Title
AWS re:Invent 2023 - Capital One: Achieving resiliency to run mission-critical applications (FSI314)
Summary
- Capital One has transitioned to a cloud-native approach, eliminating data centers and adopting public cloud services.
- The company emphasizes a resiliency-centric environment, focusing on customer and associate experiences.
- Resiliency is integrated from the business team level, through product development, to architecture and SRE (Site Reliability Engineering).
- Capital One combines architecture and SRE teams to ensure resilient design from the start.
- The company handles over 7 billion card transactions daily, necessitating a robust resiliency posture.
- Resiliency is not just about achieving high availability (e.g., four nines or five nines) but also about designing for failure, including degraded services and handling stale data.
- The CAP theorem is a constant consideration, balancing consistency, availability, and partition tolerance.

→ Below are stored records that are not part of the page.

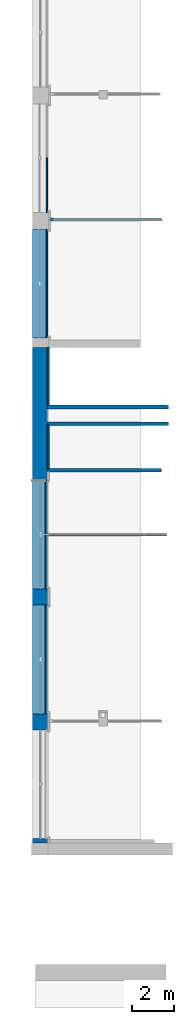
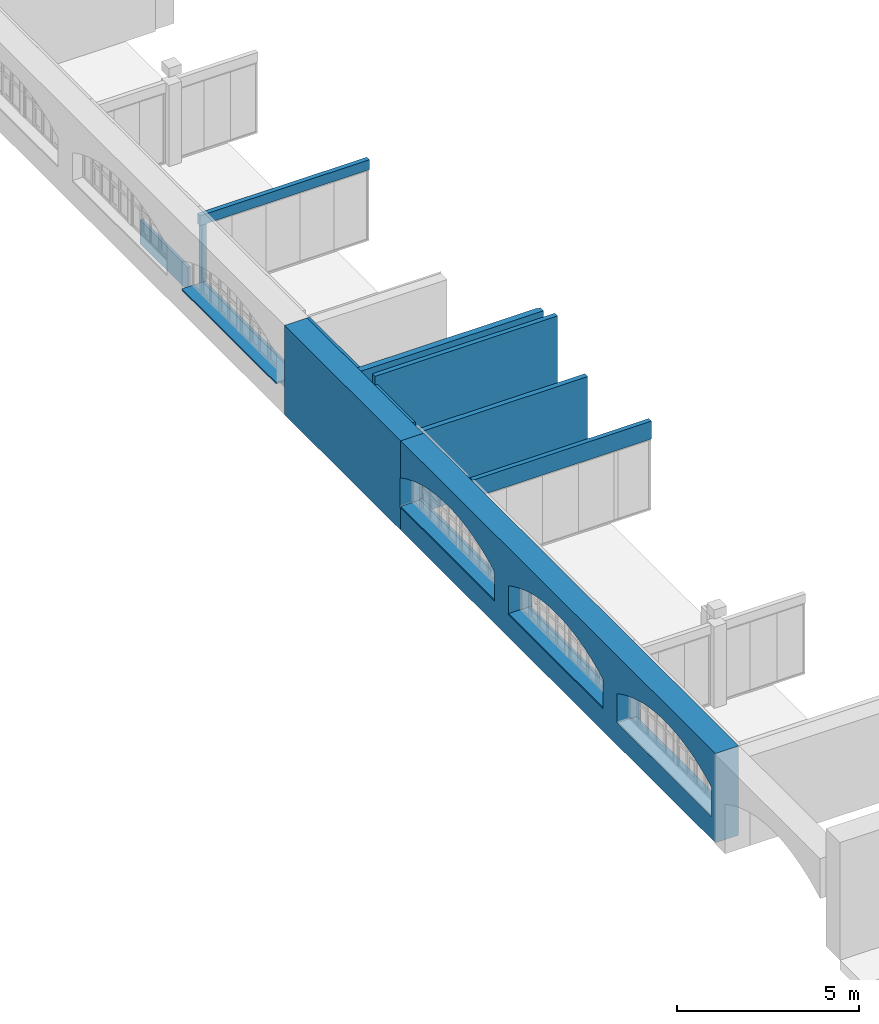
# One storey, part 28 of 32: 17 walls, 9 openings.
"""IFC2X3 building model written with IfcOpenShell, lengths in millimetres."""

from ifc_helpers import new_model, entity, si_unit, converted_unit, derived_unit, direction, frame, frame_2d, origin, origin_2d_with_axis, place, context, subcontext, project, spatial, polyline, circle_curve, parameter, trimmed, segment, composite_curve, rectangle, outline, extrude, clip, bounded_halfspace, material, layer, layer_set, layer_usage, type_object, element, save


model = new_model("IFC2X3")

# Units and contexts
model_context = context("Model", 3, precision=0.01, world=origin(), true_north=direction((6.123031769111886e-17, 1.0)))
body_context = subcontext(model_context, "Body", "Model", "MODEL_VIEW")
ifc_project = project(units=[si_unit("LENGTHUNIT", "METRE", prefix="MILLI"), si_unit("AREAUNIT", "SQUARE_METRE"), si_unit("VOLUMEUNIT", "CUBIC_METRE"), converted_unit("PLANEANGLEUNIT", "DEGREE", entity("IfcPlaneAngleMeasure", 0.017453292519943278), si_unit("PLANEANGLEUNIT", "RADIAN"), dimensions=[0, 0, 0, 0, 0, 0, 0]), si_unit("MASSUNIT", "GRAM", prefix="KILO"), derived_unit("MASSDENSITYUNIT", [(si_unit("MASSUNIT", "GRAM", prefix="KILO"), 1), (si_unit("LENGTHUNIT", "METRE"), -3)]), derived_unit("IONCONCENTRATIONUNIT", [(si_unit("MASSUNIT", "GRAM", prefix="KILO"), 1), (si_unit("LENGTHUNIT", "METRE"), -3)]), derived_unit("MOMENTOFINERTIAUNIT", [(si_unit("LENGTHUNIT", "METRE"), 4)]), si_unit("TIMEUNIT", "SECOND"), si_unit("FREQUENCYUNIT", "HERTZ"), si_unit("THERMODYNAMICTEMPERATUREUNIT", "DEGREE_CELSIUS"), derived_unit("THERMALTRANSMITTANCEUNIT", [(si_unit("MASSUNIT", "GRAM", prefix="KILO"), 1), (si_unit("THERMODYNAMICTEMPERATUREUNIT", "KELVIN"), -1), (si_unit("TIMEUNIT", "SECOND"), -3)]), derived_unit("THERMALCONDUCTANCEUNIT", [(si_unit("MASSUNIT", "GRAM", prefix="KILO"), 1), (si_unit("THERMODYNAMICTEMPERATUREUNIT", "KELVIN"), -1), (si_unit("TIMEUNIT", "SECOND"), -3), (si_unit("LENGTHUNIT", "METRE"), 1)]), derived_unit("VOLUMETRICFLOWRATEUNIT", [(si_unit("LENGTHUNIT", "METRE", prefix="DECI"), 3), (si_unit("TIMEUNIT", "SECOND"), -1)]), derived_unit("MASSFLOWRATEUNIT", [(si_unit("MASSUNIT", "GRAM", prefix="KILO"), 1), (si_unit("TIMEUNIT", "SECOND"), -1)]), derived_unit("ROTATIONALFREQUENCYUNIT", [(si_unit("TIMEUNIT", "SECOND"), -1)]), si_unit("ELECTRICCURRENTUNIT", "AMPERE"), si_unit("ELECTRICVOLTAGEUNIT", "VOLT"), si_unit("POWERUNIT", "WATT"), si_unit("FORCEUNIT", "NEWTON", prefix="KILO"), si_unit("ILLUMINANCEUNIT", "LUX"), si_unit("LUMINOUSFLUXUNIT", "LUMEN"), si_unit("LUMINOUSINTENSITYUNIT", "CANDELA"), si_unit("ENERGYUNIT", "JOULE"), derived_unit("USERDEFINED", [(si_unit("MASSUNIT", "GRAM", prefix="KILO"), -1), (si_unit("LENGTHUNIT", "METRE"), -2), (si_unit("TIMEUNIT", "SECOND"), 3), (si_unit("LUMINOUSFLUXUNIT", "LUMEN"), 1)]), derived_unit("USERDEFINED", [(si_unit("MASSUNIT", "GRAM", prefix="KILO"), 1), (si_unit("TIMEUNIT", "SECOND"), -3), (si_unit("LENGTHUNIT", "METRE"), 3), (si_unit("ELECTRICCURRENTUNIT", "AMPERE"), -2)]), derived_unit("SOUNDPOWERUNIT", [(si_unit("MASSUNIT", "GRAM", prefix="KILO"), 1), (si_unit("TIMEUNIT", "SECOND"), -3), (si_unit("LENGTHUNIT", "METRE"), 2)]), derived_unit("SOUNDPRESSUREUNIT", [(si_unit("MASSUNIT", "GRAM", prefix="KILO"), 1), (si_unit("LENGTHUNIT", "METRE"), -1), (si_unit("TIMEUNIT", "SECOND"), -2)]), derived_unit("LINEARVELOCITYUNIT", [(si_unit("LENGTHUNIT", "METRE"), 1), (si_unit("TIMEUNIT", "SECOND"), -1)]), si_unit("PRESSUREUNIT", "PASCAL"), derived_unit("USERDEFINED", [(si_unit("MASSUNIT", "GRAM", prefix="KILO"), 1), (si_unit("LENGTHUNIT", "METRE"), -2), (si_unit("TIMEUNIT", "SECOND"), -2)]), derived_unit("LINEARFORCEUNIT", [(si_unit("MASSUNIT", "GRAM", prefix="KILO"), 1), (si_unit("TIMEUNIT", "SECOND"), -2)]), derived_unit("PLANARFORCEUNIT", [(si_unit("MASSUNIT", "GRAM", prefix="KILO"), 1), (si_unit("LENGTHUNIT", "METRE"), -1), (si_unit("TIMEUNIT", "SECOND"), -2)]), derived_unit("SPECIFICHEATCAPACITYUNIT", [(si_unit("THERMODYNAMICTEMPERATUREUNIT", "KELVIN"), -1), (si_unit("LENGTHUNIT", "METRE"), 2), (si_unit("TIMEUNIT", "SECOND"), -2)]), derived_unit("HEATFLUXDENSITYUNIT", [(si_unit("MASSUNIT", "GRAM", prefix="KILO"), 1), (si_unit("TIMEUNIT", "SECOND"), -3)]), derived_unit("HEATINGVALUEUNIT", [(si_unit("LENGTHUNIT", "METRE"), 2), (si_unit("TIMEUNIT", "SECOND"), -2)]), derived_unit("VAPORPERMEABILITYUNIT", [(si_unit("LENGTHUNIT", "METRE"), -1), (si_unit("TIMEUNIT", "SECOND"), 1)]), derived_unit("DYNAMICVISCOSITYUNIT", [(si_unit("MASSUNIT", "GRAM", prefix="KILO"), 1), (si_unit("TIMEUNIT", "SECOND"), -1), (si_unit("LENGTHUNIT", "METRE"), -1)]), derived_unit("THERMALEXPANSIONCOEFFICIENTUNIT", [(si_unit("THERMODYNAMICTEMPERATUREUNIT", "KELVIN"), -1)]), derived_unit("MODULUSOFELASTICITYUNIT", [(si_unit("MASSUNIT", "GRAM", prefix="KILO"), 1), (si_unit("LENGTHUNIT", "METRE"), -1), (si_unit("TIMEUNIT", "SECOND"), -2)]), derived_unit("ISOTHERMALMOISTURECAPACITYUNIT", [(si_unit("MASSUNIT", "GRAM", prefix="KILO"), -1), (si_unit("LENGTHUNIT", "METRE"), 3)]), derived_unit("MOISTUREDIFFUSIVITYUNIT", [(si_unit("TIMEUNIT", "SECOND"), -1), (si_unit("LENGTHUNIT", "METRE"), 2)]), derived_unit("MASSPERLENGTHUNIT", [(si_unit("MASSUNIT", "GRAM", prefix="KILO"), 1), (si_unit("LENGTHUNIT", "METRE"), -1)]), derived_unit("THERMALRESISTANCEUNIT", [(si_unit("MASSUNIT", "GRAM", prefix="KILO"), -1), (si_unit("TIMEUNIT", "SECOND"), 3), (si_unit("THERMODYNAMICTEMPERATUREUNIT", "KELVIN"), 1)]), derived_unit("ACCELERATIONUNIT", [(si_unit("LENGTHUNIT", "METRE"), 1), (si_unit("TIMEUNIT", "SECOND"), -2)]), derived_unit("ANGULARVELOCITYUNIT", [(si_unit("TIMEUNIT", "SECOND"), -1), (si_unit("PLANEANGLEUNIT", "RADIAN"), 1)]), derived_unit("LINEARSTIFFNESSUNIT", [(si_unit("MASSUNIT", "GRAM", prefix="KILO"), 1), (si_unit("TIMEUNIT", "SECOND"), -2)]), derived_unit("WARPINGCONSTANTUNIT", [(si_unit("LENGTHUNIT", "METRE"), 6)]), derived_unit("LINEARMOMENTUNIT", [(si_unit("MASSUNIT", "GRAM", prefix="KILO"), 1), (si_unit("LENGTHUNIT", "METRE"), 1), (si_unit("TIMEUNIT", "SECOND"), -2)]), derived_unit("TORQUEUNIT", [(si_unit("MASSUNIT", "GRAM", prefix="KILO"), 1), (si_unit("LENGTHUNIT", "METRE"), 2), (si_unit("TIMEUNIT", "SECOND"), -2)])], contexts=[model_context])

# Site, building, storey
site_placement = place(None, origin())
site = spatial("IfcSite", under=ifc_project, at=site_placement, Name="Default", CompositionType="ELEMENT")
building_placement = place(site_placement, origin())
building = spatial("IfcBuilding", under=site, at=building_placement, Name="Eesti Rahvusraamatukogu hoone renoveerimise projekteerimistööd", CompositionType="ELEMENT")
storey_placement = place(building_placement, frame((0.0, 0.0, 4950.000000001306)))
storey = spatial("IfcBuildingStorey", under=building, at=storey_placement, Name="2. korrus", CompositionType="ELEMENT", Elevation=4950.000000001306)

# Wall
ifc_material_1 = material(Name="ol. olev materjal")
ifc_layer_1 = layer(ifc_material_1, 780.0)
ifc_layer_set_1 = layer_set([ifc_layer_1], Name="Basic Wall:ol. olev - 780mm")
ifc_layer_usage_1 = layer_usage(ifc_layer_set_1, "AXIS2", "NEGATIVE", 390.0)
wall_type_1 = type_object("IfcWallType", Name="Basic Wall:ol. olev - 780mm", PredefinedType="STANDARD", material=ifc_layer_set_1)
wall_1_placement = place(storey_placement, frame((-36390.0, 35955.440291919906, 750.0), z_axis=(0.0, 0.0, 1.0), x_axis=(0.0, -1.0, 0.0)))
element("IfcWallStandardCase", 1, at=wall_1_placement, inside=storey, type_object=wall_type_1, material=ifc_layer_usage_1, Name="Basic Wall:ol. olev - 780mm", ObjectType="Basic Wall:ol. olev - 780mm", context=body_context, shape_type="SweptSolid", body=[
    extrude(rectangle(XDim=660.0000000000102, YDim=5199.999999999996, at=frame_2d((-2.1600499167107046e-12, 0.0), x_axis=(1.0, 0.0))), frame((2600.0, -60.0, 0.0), z_axis=(0.0, 0.0, 1.0), x_axis=(0.0, 1.0, 0.0)), (0.0, 0.0, 1.0), 49.99999999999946),
])

# Wall, openings
ifc_layer_2 = layer(ifc_material_1, 720.0)
ifc_layer_set_2 = layer_set([ifc_layer_2], Name="Basic Wall:ol. olev - 720mm")
ifc_layer_usage_2 = layer_usage(ifc_layer_set_2, "AXIS2", "NEGATIVE", 360.0)
wall_type_2 = type_object("IfcWallType", Name="Basic Wall:ol. olev - 720mm", PredefinedType="STANDARD", material=ifc_layer_set_2)
wall_2_placement = place(storey_placement, frame((-36420.0, 30305.0, 0.0), z_axis=(0.0, 0.0, 1.0), x_axis=(0.0, -1.0, 0.0)))
wall_2 = element("IfcWallStandardCase", 2, at=wall_2_placement, inside=storey, type_object=wall_type_2, material=ifc_layer_usage_2, Name="Basic Wall:ol. olev - 720mm", ObjectType="Basic Wall:ol. olev - 720mm", context=body_context, shape_type="SweptSolid", body=[
    extrude(rectangle(XDim=6398.554408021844, YDim=720.0000000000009, at=frame_2d((3199.277204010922, 7.673861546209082e-13), x_axis=(-1.0, 0.0))), origin(), (0.0, 0.0, 1.0), 3000.000000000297),
])
opening_1_placement = place(wall_2_placement, frame((11557.899680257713, -512.4000000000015, 750.0)))
element("IfcOpeningElement", 3, at=opening_1_placement, cuts=wall_2, Name="Basic Wall:ol. olev - 720mm", ObjectType="Opening", context=body_context, shape_type="SweptSolid", body=[
    extrude(outline(composite_curve([segment(polyline([(-465.0, -2600.0), (465.0, -2600.0)]), True, "CONTINUOUS"), segment(trimmed(circle_curve(frame_2d((-4244.776119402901, 0.0), x_axis=(0.0, -1.0)), 5379.776119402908), [parameter(61.09940419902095)], [parameter(118.90059580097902)], True, "PARAMETER"), True, "CONTINUOUS"), segment(polyline([(465.0, 2600.0), (-465.0, 2600.0)]), True, "CONTINUOUS"), segment(polyline([(-465.0, 2600.0), (-465.0, -2600.0)]), True, "CONTINUOUS")], self_intersect=False)), frame((-2601.5952722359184, 0.0, 465.0), z_axis=(0.0, 1.0, 0.0), x_axis=(0.0, 0.0, 1.0)), (0.0, 0.0, 1.0), 1024.8000000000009),
])
opening_2_placement = place(wall_2_placement, frame((11557.899680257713, -512.4000000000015, 800.0)))
element("IfcOpeningElement", 4, at=opening_2_placement, cuts=wall_2, Name="Basic Wall:ol. olev - 720mm", ObjectType="Opening", context=body_context, shape_type="SweptSolid", body=[
    extrude(outline(composite_curve([segment(polyline([(-465.0, -2600.0), (465.0, -2600.0)]), True, "CONTINUOUS"), segment(trimmed(circle_curve(frame_2d((-4244.776119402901, 0.0), x_axis=(0.0, -1.0)), 5379.776119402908), [parameter(61.09940419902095)], [parameter(118.90059580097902)], True, "PARAMETER"), True, "CONTINUOUS"), segment(polyline([(465.0, 2600.0), (-465.0, 2600.0)]), True, "CONTINUOUS"), segment(polyline([(-465.0, 2600.0), (-465.0, -2600.0)]), True, "CONTINUOUS")], self_intersect=False)), frame((-2601.5952722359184, 0.0, 465.0), z_axis=(0.0, 1.0, 0.0), x_axis=(0.0, 0.0, 1.0)), (0.0, 0.0, 1.0), 1024.8000000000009),
])

# Wall
ifc_layer_3 = layer(ifc_material_1, 200.0)
ifc_layer_set_3 = layer_set([ifc_layer_3], Name="Basic Wall:ol. olev - 200mm")
ifc_layer_usage_3 = layer_usage(ifc_layer_set_3, "AXIS2", "NEGATIVE", 100.0)
wall_type_3 = type_object("IfcWallType", Name="Basic Wall:ol. olev - 200mm", PredefinedType="STANDARD", material=ifc_layer_set_3)
wall_3_placement = place(storey_placement, frame((-36060.0, 27445.0, 0.0)))
element("IfcWallStandardCase", 5, at=wall_3_placement, inside=storey, type_object=wall_type_3, material=ifc_layer_usage_3, Name="Basic Wall:ol. olev - 200mm", ObjectType="Basic Wall:ol. olev - 200mm", context=body_context, shape_type="Clipping", body=[
    clip(extrude(outline(polyline([(5800.0, -100.0), (5800.0, 75.0), (5720.0, 75.0), (5720.0, 100.0), (5565.0, 100.0), (5465.0, 100.0), (0.0, 100.0), (0.0, -100.0), (5800.0, -100.0)])), origin(), (0.0, 0.0, 1.0), 3000.000000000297), bounded_halfspace(frame((2290.0, -100.0, 3000.0), z_axis=(0.0, 0.0, -1.0), x_axis=(0.0, 1.0, 0.0)), True, frame((2290.0, -100.0, 3000.0)), polyline([(0.0, 0.0), (3510.0, 0.0), (3510.0, 175.0), (3430.0, 175.0), (3430.0, 200.0), (3275.0, 200.0), (3175.0, 200.0), (0.0, 200.0), (0.0, 0.0)]))),
])

# Wall, openings
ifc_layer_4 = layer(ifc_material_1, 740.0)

- Capital One employs various strategies for resiliency, such as caching, monitoring, observability, circuit breakers, and fallbacks.
- The company has adopted a microservices architecture and is exploring cell-based architectures for better end-to-end transaction handling.
- The control plane's reliability is crucial, as demonstrated by an incident in December 2021 when AWS Route 53 experienced issues.
- Capital One focuses on continuous improvement, operational excellence, and a culture of engineering excellence.
- The company practices game days, fire drills, chaos engineering, and maintains playbooks for incident response.
- Capital One's approach to resiliency is driven by a technology company mindset, from the CEO to the developers.
Insights
- Capital One's cloud-native journey and resiliency focus highlight the importance of cloud services for modern financial institutions.
- The integration of resiliency into every level of the organization, from business teams to SRE, indicates a holistic approach to system reliability.
- The combination of architecture and SRE under one leadership suggests a trend towards more collaborative and cross-functional teams in IT.
- The discussion of the CAP theorem and its implications on system design reflects the trade-offs required in distributed systems.
- Capital One's use of caching, global tables, and other resiliency strategies demonstrates the need for innovative solutions to maintain uptime and customer satisfaction.
- The incident involving AWS Route 53 underscores the importance of having a resilient control plane and the potential impact of cloud service outages on customers.
- The emphasis on continuous improvement and operational excellence indicates a shift towards a proactive and learning-oriented culture in IT operations.
- The adoption of practices like game days, fire drills, and chaos engineering shows a commitment to preparedness and the ability to handle unexpected failures.
- Capital One's approach to scaling SRE practices by involving domain experts and fostering a community of practice could serve as a model for other large organizations.
- The presentation reinforces the idea that financial institutions must think and operate like technology companies to stay competitive and meet customer expectations in the digital age.